» Task instructions
Search term "drawing": copy each line of the data containing it.
START Data provided
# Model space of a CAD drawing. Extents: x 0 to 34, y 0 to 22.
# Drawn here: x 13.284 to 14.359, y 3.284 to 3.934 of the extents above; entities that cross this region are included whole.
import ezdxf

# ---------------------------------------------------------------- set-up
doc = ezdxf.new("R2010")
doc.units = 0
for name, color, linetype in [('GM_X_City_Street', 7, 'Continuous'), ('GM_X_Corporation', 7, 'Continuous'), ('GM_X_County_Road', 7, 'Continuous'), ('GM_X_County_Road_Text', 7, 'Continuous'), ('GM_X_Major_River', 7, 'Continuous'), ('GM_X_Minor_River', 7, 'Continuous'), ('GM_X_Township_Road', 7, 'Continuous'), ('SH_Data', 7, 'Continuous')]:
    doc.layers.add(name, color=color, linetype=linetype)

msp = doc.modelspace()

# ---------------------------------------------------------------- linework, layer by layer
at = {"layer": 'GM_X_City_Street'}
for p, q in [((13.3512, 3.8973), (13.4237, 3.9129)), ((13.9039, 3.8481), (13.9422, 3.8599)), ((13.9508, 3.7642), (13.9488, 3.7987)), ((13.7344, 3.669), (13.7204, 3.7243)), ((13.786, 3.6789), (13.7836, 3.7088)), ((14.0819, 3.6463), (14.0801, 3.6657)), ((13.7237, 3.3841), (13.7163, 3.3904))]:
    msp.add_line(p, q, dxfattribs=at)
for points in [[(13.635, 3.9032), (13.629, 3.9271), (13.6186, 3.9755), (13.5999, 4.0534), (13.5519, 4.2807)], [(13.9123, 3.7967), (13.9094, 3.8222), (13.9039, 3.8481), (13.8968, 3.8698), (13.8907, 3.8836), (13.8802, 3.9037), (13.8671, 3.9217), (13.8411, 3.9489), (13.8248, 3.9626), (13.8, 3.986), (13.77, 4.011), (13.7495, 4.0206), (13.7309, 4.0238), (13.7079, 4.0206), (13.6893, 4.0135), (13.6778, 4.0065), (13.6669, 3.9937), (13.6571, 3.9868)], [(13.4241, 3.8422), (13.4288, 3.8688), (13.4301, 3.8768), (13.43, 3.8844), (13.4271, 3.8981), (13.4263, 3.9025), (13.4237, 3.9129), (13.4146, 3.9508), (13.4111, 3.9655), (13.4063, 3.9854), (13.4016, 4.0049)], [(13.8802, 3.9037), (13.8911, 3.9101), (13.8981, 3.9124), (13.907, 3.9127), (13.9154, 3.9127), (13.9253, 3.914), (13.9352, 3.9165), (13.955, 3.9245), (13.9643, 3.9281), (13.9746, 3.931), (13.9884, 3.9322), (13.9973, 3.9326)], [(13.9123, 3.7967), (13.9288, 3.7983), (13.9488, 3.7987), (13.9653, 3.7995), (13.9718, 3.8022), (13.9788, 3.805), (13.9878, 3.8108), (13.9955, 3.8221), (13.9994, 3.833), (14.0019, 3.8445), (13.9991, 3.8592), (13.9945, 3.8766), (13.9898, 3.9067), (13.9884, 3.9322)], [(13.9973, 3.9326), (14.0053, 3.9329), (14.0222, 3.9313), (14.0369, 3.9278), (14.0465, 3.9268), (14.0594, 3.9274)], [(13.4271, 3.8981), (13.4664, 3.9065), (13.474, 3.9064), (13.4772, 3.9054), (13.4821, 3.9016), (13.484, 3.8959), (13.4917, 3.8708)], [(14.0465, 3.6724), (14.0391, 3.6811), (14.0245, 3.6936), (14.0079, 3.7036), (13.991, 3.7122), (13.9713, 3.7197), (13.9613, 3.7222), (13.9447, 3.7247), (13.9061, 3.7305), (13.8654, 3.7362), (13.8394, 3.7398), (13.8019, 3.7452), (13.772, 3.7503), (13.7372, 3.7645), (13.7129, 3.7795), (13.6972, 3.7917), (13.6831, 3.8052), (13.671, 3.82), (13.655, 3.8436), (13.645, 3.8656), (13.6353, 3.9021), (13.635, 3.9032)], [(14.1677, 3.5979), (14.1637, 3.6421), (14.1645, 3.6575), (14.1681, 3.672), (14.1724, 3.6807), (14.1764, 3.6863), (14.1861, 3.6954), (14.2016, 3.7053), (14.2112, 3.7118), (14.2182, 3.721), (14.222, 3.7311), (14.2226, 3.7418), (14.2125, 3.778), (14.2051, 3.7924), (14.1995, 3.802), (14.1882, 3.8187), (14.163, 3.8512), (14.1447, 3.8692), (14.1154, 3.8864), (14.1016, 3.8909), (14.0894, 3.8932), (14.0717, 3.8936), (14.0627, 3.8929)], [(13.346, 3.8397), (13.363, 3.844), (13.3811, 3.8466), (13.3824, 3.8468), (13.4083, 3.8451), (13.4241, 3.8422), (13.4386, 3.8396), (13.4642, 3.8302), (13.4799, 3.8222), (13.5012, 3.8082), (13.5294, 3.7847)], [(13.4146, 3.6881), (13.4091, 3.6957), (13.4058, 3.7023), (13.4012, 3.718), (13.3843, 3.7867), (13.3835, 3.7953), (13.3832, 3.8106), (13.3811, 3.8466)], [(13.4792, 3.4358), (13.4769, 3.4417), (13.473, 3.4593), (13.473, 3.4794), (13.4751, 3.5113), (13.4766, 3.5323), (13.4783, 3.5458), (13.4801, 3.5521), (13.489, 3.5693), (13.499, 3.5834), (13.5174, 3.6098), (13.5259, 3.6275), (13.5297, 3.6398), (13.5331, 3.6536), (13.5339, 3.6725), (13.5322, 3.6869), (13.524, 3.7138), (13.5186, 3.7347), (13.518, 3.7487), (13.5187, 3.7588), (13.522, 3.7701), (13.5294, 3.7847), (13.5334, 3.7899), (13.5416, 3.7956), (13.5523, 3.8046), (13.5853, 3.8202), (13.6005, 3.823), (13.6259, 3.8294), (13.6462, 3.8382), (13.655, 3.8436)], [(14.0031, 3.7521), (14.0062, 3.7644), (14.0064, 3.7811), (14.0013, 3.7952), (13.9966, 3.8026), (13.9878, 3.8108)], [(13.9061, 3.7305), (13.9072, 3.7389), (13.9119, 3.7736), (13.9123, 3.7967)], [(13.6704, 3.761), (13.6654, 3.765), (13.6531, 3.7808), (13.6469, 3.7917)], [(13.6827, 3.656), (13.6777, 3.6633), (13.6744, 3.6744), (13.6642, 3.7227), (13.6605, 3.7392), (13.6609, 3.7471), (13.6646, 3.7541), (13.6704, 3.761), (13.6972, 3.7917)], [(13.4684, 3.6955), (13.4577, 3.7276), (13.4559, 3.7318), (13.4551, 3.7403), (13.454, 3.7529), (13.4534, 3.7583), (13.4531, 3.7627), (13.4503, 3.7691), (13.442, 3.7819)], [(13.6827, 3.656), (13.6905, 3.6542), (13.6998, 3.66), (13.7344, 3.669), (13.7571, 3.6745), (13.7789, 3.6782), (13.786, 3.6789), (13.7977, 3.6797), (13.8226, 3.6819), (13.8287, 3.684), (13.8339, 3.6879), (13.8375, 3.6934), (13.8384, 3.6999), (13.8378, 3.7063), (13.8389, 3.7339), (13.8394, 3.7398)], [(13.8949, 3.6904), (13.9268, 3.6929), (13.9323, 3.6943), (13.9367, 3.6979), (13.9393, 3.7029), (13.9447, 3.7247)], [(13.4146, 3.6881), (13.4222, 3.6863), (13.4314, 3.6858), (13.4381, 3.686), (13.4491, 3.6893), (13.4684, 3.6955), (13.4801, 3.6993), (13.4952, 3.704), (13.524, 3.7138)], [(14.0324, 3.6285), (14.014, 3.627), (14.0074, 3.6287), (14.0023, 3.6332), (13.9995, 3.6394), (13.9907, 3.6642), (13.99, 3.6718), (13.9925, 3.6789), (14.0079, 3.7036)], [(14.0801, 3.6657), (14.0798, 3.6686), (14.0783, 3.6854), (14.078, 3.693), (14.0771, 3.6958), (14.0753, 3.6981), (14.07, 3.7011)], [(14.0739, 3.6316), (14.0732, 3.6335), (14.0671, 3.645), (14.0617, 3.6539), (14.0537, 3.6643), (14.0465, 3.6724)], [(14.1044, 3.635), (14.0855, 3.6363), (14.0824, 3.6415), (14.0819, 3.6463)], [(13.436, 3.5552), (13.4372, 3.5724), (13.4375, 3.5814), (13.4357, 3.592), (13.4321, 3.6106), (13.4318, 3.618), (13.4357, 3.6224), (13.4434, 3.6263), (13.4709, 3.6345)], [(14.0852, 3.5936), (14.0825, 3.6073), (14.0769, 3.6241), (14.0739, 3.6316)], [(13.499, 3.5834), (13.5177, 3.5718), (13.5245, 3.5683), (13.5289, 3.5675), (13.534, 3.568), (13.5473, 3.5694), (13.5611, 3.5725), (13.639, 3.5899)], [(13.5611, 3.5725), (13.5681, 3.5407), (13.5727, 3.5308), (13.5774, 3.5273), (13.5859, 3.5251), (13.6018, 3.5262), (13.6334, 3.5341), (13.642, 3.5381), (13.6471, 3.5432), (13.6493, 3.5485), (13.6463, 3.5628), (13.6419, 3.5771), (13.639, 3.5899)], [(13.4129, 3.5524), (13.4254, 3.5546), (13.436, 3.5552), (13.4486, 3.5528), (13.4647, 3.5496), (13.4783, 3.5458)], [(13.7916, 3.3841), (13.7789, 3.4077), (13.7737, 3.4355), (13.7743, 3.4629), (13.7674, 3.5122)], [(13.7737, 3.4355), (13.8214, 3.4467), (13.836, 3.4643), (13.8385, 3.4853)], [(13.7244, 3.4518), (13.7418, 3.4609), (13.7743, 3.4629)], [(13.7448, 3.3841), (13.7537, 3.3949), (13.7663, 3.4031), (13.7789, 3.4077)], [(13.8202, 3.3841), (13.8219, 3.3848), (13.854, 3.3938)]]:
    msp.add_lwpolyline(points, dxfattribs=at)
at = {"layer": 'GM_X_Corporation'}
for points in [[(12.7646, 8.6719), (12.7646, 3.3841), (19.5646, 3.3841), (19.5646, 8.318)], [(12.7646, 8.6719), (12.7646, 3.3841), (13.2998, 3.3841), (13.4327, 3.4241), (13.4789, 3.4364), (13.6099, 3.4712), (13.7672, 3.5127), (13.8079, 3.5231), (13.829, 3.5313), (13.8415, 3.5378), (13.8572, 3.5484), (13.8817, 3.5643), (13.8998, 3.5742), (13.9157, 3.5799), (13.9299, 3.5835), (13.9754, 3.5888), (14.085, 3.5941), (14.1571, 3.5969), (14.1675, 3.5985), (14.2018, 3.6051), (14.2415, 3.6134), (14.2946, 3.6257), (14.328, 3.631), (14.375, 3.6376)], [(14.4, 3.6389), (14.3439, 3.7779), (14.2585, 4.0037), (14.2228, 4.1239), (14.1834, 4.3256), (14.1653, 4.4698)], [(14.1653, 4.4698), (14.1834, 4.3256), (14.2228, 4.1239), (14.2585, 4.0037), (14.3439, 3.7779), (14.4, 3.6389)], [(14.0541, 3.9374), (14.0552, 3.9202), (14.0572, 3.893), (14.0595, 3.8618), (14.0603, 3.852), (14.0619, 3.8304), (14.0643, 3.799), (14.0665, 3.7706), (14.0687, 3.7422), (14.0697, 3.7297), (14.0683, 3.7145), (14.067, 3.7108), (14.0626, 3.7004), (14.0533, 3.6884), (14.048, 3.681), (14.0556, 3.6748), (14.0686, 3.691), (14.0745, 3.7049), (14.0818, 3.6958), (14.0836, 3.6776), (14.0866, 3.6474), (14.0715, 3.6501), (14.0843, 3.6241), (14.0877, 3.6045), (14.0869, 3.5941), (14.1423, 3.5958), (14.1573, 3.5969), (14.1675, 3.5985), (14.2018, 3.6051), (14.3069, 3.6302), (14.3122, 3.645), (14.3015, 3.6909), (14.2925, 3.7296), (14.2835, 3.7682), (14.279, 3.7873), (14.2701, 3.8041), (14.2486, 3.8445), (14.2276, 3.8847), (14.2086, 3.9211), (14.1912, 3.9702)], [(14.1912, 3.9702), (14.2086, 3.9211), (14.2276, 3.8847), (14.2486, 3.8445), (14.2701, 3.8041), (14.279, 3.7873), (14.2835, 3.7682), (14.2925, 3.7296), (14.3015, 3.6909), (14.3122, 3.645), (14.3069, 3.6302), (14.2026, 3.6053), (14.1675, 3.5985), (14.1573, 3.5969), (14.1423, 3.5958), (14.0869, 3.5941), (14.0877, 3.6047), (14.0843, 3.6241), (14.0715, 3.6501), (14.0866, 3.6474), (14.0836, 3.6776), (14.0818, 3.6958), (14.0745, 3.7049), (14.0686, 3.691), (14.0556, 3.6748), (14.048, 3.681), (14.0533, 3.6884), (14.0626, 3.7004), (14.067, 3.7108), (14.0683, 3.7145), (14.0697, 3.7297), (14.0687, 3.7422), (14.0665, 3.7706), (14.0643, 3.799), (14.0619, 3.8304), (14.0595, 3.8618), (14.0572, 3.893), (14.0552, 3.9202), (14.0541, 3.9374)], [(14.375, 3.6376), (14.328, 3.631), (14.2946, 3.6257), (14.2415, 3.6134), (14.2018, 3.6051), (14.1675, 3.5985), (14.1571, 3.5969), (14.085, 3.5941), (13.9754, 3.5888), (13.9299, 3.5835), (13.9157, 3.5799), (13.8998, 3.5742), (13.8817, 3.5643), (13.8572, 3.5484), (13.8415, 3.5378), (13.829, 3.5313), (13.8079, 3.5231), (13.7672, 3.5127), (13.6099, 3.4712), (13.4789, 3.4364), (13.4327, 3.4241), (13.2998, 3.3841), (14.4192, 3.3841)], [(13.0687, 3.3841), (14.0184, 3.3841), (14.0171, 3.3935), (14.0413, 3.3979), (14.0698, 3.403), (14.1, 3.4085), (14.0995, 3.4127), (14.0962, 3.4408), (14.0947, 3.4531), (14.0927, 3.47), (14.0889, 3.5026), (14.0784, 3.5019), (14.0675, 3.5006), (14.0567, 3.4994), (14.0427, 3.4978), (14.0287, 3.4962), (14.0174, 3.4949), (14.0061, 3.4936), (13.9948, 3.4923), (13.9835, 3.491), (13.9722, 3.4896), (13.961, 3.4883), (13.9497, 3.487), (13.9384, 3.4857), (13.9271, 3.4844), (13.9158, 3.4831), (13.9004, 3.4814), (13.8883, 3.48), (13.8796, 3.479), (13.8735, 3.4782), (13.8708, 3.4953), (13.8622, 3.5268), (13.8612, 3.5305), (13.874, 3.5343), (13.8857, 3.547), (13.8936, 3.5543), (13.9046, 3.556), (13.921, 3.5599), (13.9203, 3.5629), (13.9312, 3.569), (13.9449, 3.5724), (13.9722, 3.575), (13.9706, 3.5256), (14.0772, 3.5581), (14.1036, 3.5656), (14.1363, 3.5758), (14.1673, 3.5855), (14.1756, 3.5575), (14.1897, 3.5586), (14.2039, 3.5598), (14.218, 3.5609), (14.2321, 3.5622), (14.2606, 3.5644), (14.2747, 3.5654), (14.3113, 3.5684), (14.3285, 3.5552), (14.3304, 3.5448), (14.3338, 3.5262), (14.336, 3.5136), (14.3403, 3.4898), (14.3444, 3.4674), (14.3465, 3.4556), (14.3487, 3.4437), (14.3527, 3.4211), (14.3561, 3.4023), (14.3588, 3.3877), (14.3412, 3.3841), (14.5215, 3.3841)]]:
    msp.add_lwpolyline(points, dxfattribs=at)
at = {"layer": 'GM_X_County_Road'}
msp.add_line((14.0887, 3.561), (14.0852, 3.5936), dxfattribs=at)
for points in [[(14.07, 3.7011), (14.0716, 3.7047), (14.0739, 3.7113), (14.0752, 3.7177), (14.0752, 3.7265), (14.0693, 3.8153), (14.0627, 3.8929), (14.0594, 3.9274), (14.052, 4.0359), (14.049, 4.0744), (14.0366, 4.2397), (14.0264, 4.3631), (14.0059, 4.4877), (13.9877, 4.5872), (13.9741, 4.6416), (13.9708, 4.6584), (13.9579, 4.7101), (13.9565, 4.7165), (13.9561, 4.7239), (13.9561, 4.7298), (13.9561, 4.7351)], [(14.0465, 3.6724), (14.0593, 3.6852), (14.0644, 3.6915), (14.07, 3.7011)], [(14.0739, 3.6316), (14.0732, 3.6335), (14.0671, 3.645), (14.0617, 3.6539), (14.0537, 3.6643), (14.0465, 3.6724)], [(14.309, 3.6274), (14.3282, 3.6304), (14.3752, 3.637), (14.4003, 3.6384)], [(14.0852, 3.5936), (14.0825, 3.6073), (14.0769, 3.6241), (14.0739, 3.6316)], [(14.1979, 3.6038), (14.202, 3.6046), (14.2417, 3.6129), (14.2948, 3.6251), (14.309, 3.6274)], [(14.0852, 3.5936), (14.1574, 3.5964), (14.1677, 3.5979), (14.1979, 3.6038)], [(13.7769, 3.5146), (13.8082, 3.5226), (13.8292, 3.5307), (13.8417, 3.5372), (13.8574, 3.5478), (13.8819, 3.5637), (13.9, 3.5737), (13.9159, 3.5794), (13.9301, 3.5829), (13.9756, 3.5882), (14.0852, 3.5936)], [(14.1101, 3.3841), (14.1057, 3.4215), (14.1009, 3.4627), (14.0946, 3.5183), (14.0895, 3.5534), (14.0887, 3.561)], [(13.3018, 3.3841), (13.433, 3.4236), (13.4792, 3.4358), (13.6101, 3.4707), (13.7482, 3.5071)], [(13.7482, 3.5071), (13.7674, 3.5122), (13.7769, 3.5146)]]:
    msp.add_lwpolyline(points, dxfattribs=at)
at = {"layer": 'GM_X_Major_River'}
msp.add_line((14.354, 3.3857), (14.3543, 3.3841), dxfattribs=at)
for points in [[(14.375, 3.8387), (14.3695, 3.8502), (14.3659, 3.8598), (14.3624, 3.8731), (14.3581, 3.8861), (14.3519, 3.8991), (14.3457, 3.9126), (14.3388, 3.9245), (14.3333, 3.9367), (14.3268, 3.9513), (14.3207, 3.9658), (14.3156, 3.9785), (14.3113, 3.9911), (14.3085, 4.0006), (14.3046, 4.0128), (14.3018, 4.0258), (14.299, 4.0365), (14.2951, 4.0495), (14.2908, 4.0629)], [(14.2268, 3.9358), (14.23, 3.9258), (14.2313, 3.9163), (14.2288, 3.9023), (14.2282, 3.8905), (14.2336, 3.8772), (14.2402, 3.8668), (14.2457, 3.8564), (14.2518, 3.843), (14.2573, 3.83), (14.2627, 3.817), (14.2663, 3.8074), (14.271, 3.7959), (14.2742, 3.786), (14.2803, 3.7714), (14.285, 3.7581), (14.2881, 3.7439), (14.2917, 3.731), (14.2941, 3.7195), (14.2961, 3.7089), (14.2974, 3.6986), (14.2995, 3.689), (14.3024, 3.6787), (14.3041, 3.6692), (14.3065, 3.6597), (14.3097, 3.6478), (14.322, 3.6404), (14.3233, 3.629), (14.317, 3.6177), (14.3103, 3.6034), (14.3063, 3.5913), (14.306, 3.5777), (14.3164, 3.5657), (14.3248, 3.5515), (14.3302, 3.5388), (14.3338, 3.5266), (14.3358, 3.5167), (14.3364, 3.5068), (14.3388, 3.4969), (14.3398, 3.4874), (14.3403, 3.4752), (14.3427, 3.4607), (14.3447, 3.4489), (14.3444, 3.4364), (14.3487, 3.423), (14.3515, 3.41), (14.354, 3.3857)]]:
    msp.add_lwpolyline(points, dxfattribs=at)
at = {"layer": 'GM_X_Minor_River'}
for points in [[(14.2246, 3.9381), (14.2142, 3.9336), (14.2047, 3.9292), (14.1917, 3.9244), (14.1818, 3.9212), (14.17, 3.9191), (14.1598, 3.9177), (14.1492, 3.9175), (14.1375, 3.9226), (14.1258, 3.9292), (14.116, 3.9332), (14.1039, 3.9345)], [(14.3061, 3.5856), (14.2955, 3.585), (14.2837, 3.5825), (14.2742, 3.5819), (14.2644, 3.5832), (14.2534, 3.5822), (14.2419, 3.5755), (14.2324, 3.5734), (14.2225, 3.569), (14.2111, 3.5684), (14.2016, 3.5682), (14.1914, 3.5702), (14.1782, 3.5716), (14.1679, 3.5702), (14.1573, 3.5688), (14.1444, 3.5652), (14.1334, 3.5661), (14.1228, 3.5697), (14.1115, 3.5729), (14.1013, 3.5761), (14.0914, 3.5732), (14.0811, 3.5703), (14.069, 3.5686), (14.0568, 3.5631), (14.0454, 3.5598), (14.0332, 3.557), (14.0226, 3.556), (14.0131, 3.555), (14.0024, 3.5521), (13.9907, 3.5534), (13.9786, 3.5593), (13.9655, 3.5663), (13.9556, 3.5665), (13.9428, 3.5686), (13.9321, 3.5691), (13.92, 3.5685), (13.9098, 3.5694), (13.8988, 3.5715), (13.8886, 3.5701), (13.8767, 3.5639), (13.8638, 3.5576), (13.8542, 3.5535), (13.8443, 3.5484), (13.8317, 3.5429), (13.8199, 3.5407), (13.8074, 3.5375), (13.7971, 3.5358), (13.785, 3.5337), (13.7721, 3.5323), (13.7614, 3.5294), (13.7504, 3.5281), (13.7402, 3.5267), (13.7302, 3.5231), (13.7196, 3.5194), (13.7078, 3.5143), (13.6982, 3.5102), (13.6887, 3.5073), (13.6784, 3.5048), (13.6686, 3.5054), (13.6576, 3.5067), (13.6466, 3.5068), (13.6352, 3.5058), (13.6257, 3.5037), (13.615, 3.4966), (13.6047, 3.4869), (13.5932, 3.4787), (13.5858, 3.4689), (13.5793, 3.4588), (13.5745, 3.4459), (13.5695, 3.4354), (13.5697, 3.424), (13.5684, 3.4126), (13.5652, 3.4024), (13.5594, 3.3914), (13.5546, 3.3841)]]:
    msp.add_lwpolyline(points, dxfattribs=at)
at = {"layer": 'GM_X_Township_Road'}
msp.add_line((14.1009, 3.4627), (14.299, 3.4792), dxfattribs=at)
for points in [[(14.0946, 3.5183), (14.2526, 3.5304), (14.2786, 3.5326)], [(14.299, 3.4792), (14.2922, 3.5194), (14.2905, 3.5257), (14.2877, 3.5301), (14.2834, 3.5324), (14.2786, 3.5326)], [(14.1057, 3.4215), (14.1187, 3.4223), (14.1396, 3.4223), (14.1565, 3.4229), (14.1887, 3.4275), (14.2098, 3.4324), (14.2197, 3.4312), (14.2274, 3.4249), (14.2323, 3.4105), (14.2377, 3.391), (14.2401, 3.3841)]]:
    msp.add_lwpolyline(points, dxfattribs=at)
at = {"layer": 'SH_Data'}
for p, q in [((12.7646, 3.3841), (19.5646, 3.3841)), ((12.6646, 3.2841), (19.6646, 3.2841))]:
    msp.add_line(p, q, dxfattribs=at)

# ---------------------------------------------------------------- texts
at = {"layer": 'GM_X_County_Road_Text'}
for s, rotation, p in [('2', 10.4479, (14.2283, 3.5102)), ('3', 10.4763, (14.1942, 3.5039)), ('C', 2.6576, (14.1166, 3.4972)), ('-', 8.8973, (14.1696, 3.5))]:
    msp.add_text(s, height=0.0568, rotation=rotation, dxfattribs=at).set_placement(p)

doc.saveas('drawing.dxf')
END Data provided
» Final answer
# Model space of a CAD drawing. Extents: x 0 to 34, y 0 to 22.
doc.saveas('drawing.dxf')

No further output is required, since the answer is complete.